There couldn't, I supposed, be much of it. He had been hard pressed. He had always published up to the extreme limit of his production.

I had forgotten all about the "Life and Letters." They had been only a fantastic possibility, a thing our profane imagination played with; and under the serious, chastening influences of his death it had ceased to play.

And now they were telling me that this thing was a fact. The letters were, at any rate. They had raked them all in, to the last postcard (he hadn't written any to us), and there only remained the Life. It wasn't a perfectly accomplished fact; it would need editing, filling out, and completing from where he had left it off. He had not named his editor, his biographer, in writing—at least, they could find no note of it among his papers—but he had expressed a wish, a wish that they felt they could not disregard. He had expressed it the night before he died to Antigone, who was with him.

"Did he not, dearest?"

I heard Antigone say, "Yes, Mamma." She was not looking at me then.

There was a perfectly awful silence.
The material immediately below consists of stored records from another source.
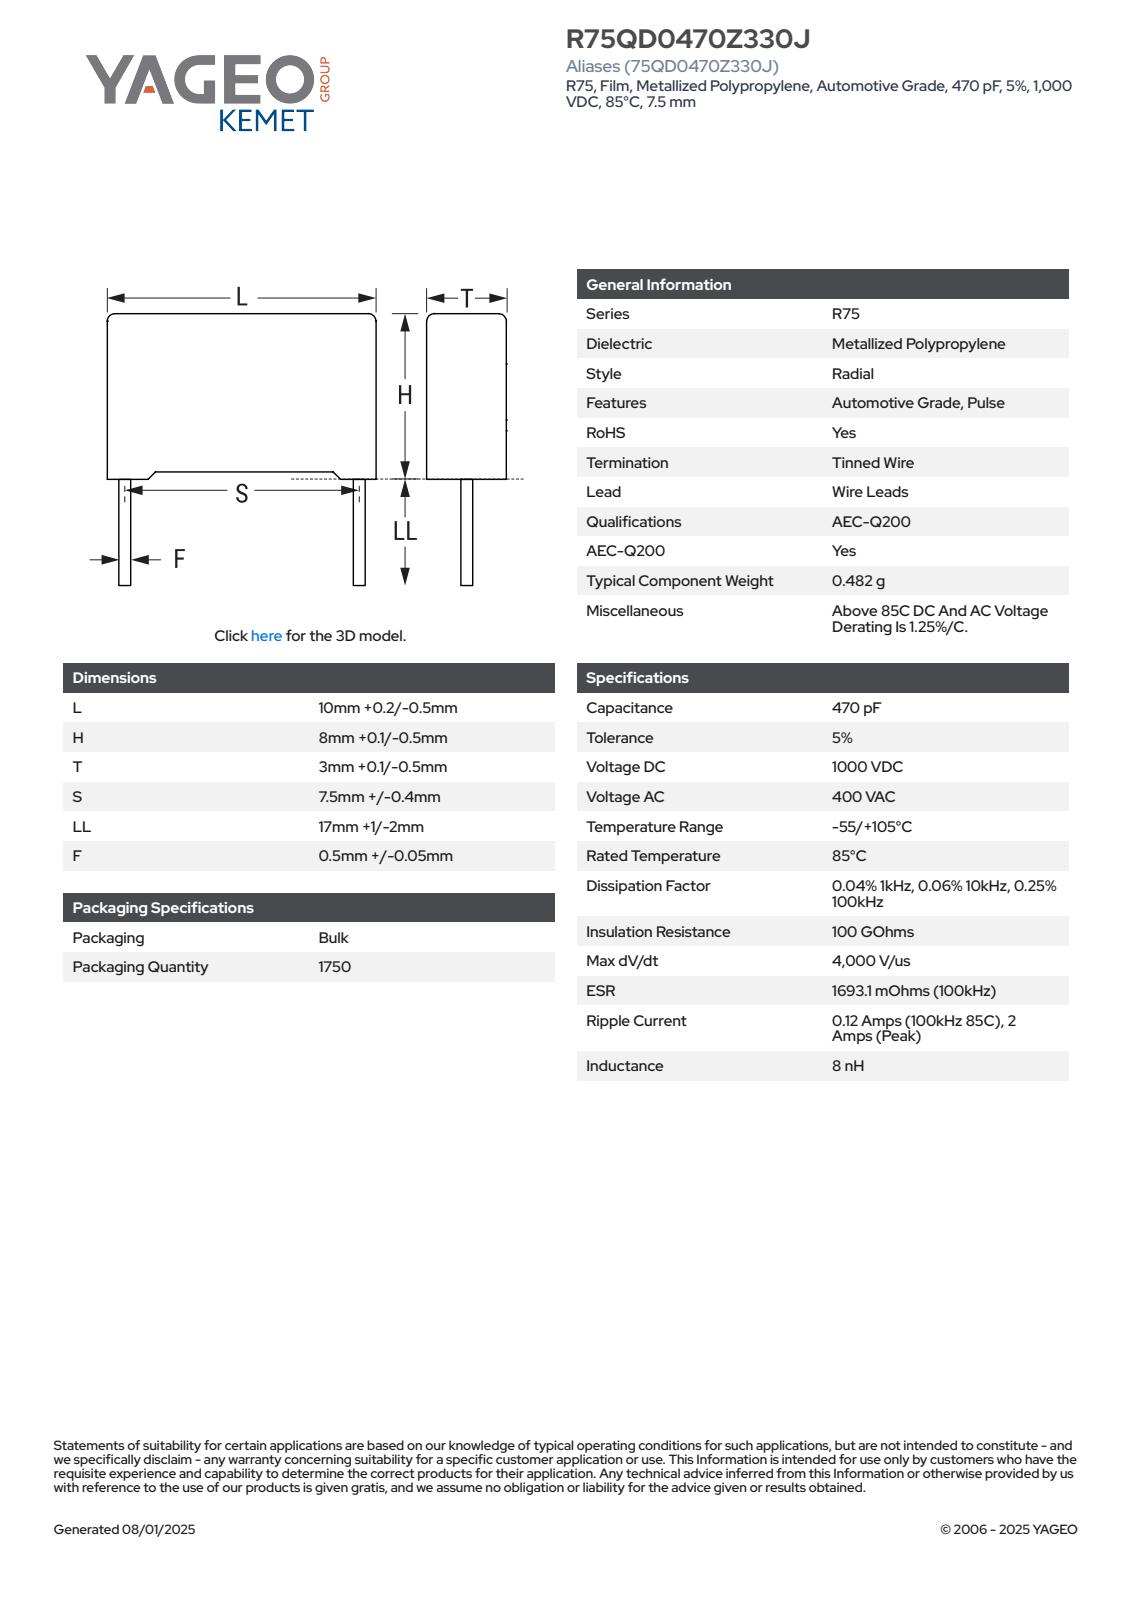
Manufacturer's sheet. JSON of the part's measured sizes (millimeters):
{"part_name": "CFR_RB2_10X8X3_L10.2H8.1T3.1S7.5LL18F0.55", "step_written_by": "SolidWorks 2021 (AUTOMOTIVE_DESIGN)", "units": "millimeters", "bodies": {"solids": 4, "faces": 85, "planar": 77, "cylindrical": 8, "other": 0}, "overall_size": [26.1, 10.2, 3.1], "volume_mm3": 246, "surface_area_mm2": 359, "round_bosses_or_shafts": [[0.55, 2]], "partial_cylinders_radius": [[0.5, 4]], "face_to_face_distances": [3.1, 10.2, 7.35, 0.34, 2.76, 2.42, 0.75, 8.1, 9.86, 0.47]}
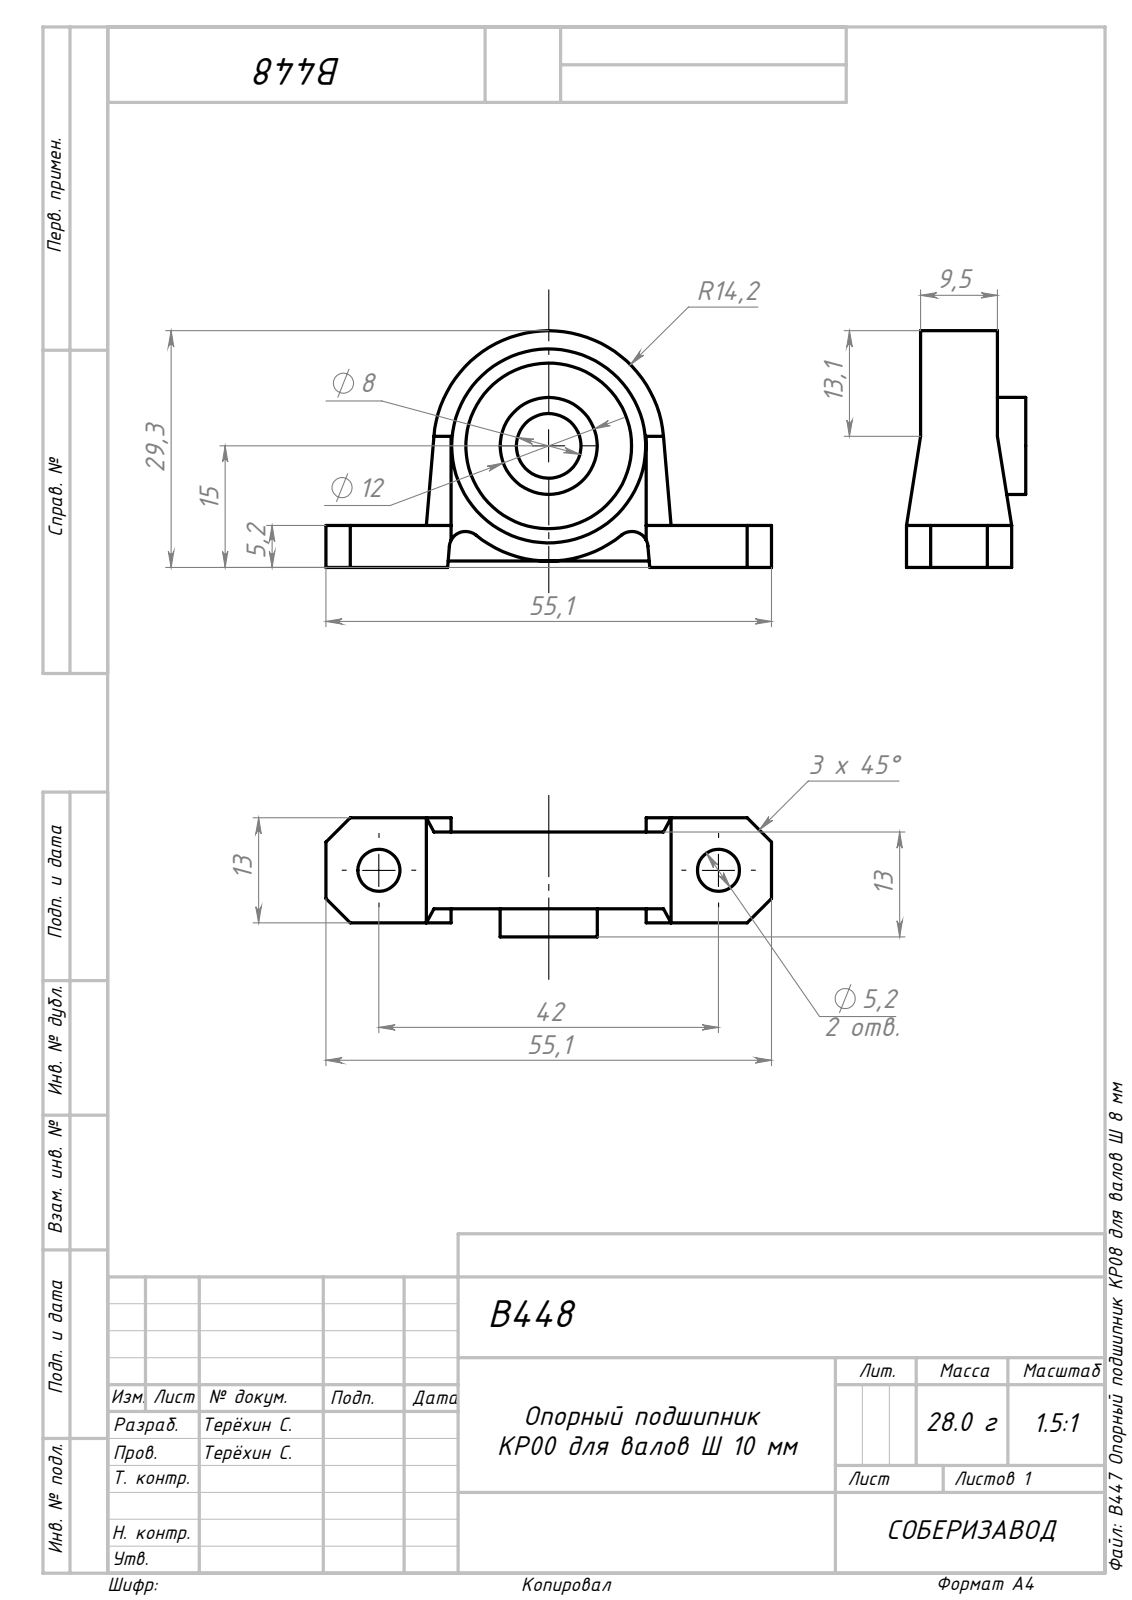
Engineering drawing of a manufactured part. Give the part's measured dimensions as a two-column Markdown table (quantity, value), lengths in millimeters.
| quantity | value |
| --- | --- |
| part name | B447 Опорный подшипник KP08 для валов Ø 8 мм_00; Сборка1 |
| STEP written by | SolidWorks 2024 (AUTOMOTIVE_DESIGN) |
| units | millimeters |
| bodies | 3 solids, 64 faces (39 planar, 25 cylindrical, 0 other) |
| overall size | 55.1 × 29.3 × 14.75 |
| volume | 6 702 mm³ |
| surface area | 5 435 mm² |
| round holes (diameter × count) | 5.2 × 2, 8 × 1, 12 × 1, 20.5 × 1, 24 × 1 |
| partial cylindrical surfaces (radius × count) | 2 × 2, 14.25 × 1 |
| main face-to-face distances | 2, 7.5, 5.5, 1.75, 5.2, 3.75, 9.25, 11.25, 4, 9 |
| hole center spacings | 42 |
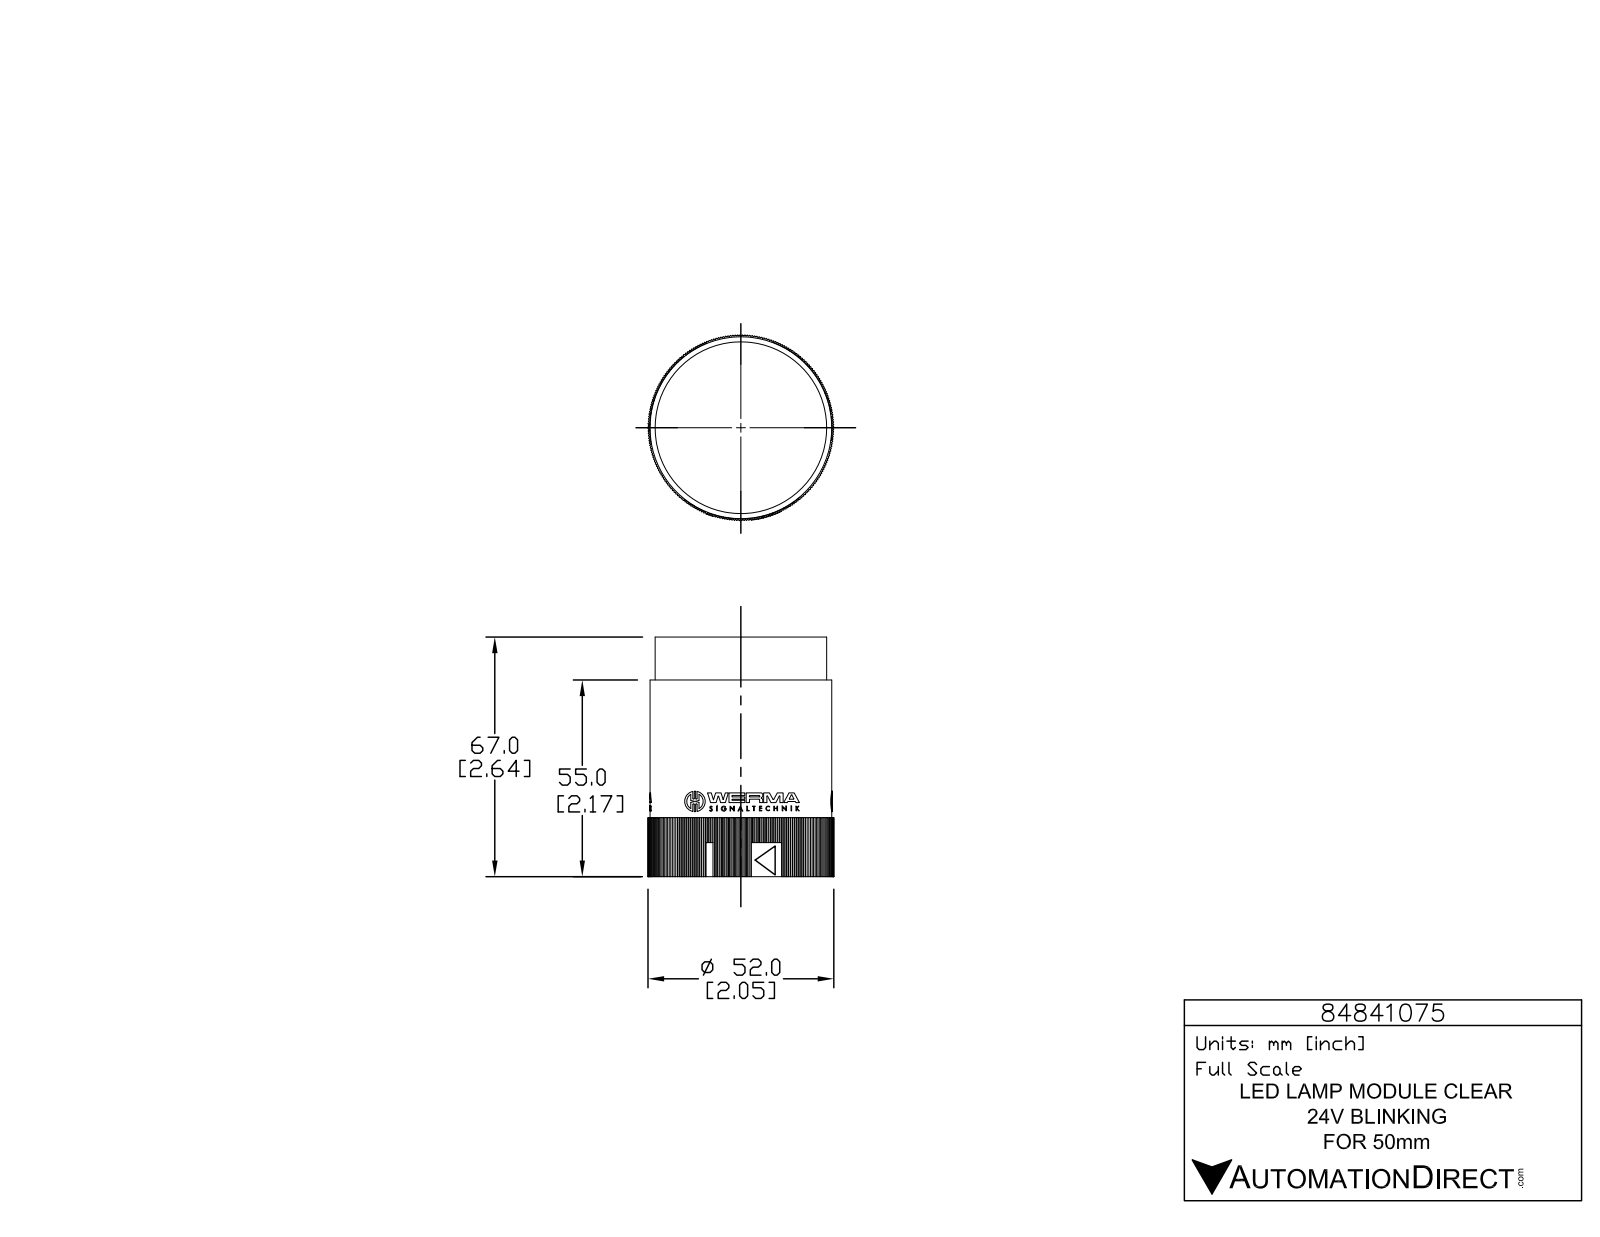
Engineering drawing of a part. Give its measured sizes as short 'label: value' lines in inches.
name: 84841075
written by: SolidWorks 2015 (AUTOMOTIVE_DESIGN)
unit: in
bodies: 1 solid, 1265 faces (1020 planar, 245 cylindrical, 0 other)
size: 2.638 × 2.047 × 2.047
volume: 6.873 in³; area: 27.62 in²
holes: 3× ⌀0.039, 1× ⌀1.898
bosses: 3× ⌀0.226, 3× ⌀0.056, 1× ⌀2.002, 1× ⌀1.89
rounds: 6× R0.008, 6× R0.008, 6× R0.008, 6× R0.131, 3× R0.004, 3× R0.005, 3× R0.008, 3× R0.008
face distances: 2.165, 1.428, 1.429, 1.429, 0.472, 2.638, 1.428, 1.428, 1.693, 1.988

And then Antigone did look at me, and she smiled faintly.

"It isn't you," she said.

No, it was not I. I wasn't in it. It was Grevill Burton.

I ought to tell you it wasn't an open secret any longer that Burton was editing the "Life and Letters of Ford Lankester," with a Critical Introduction. The announcement had appeared in the papers a day or two before Wrackham's death. He had had his eye on Burton. He may have wavered between him and another, he may have doubted whether Burton was after all good enough; but that honor, falling to Burton at that moment, clinched it. There was prestige, there was the thing he wanted. Burton was his man.

There wouldn't, Mrs. Wrackham said, be so very much editing to do. He had worked hard in the years before his death. He had gathered in all the material, and there were considerable fragments—whole blocks of reminiscences, which could be left, which should be left as they stood (her manner implied that they were monuments). What they wanted, of course, was something more than editing. Anybody could have done that. There was the Life to be completed in the later years, the years in which Mr. Burton had known him more intimately than any of his friends. Above all, what was necessary, what had been made so necessary, was a Critical Introduction, the summing up, the giving of him to the world as he really was.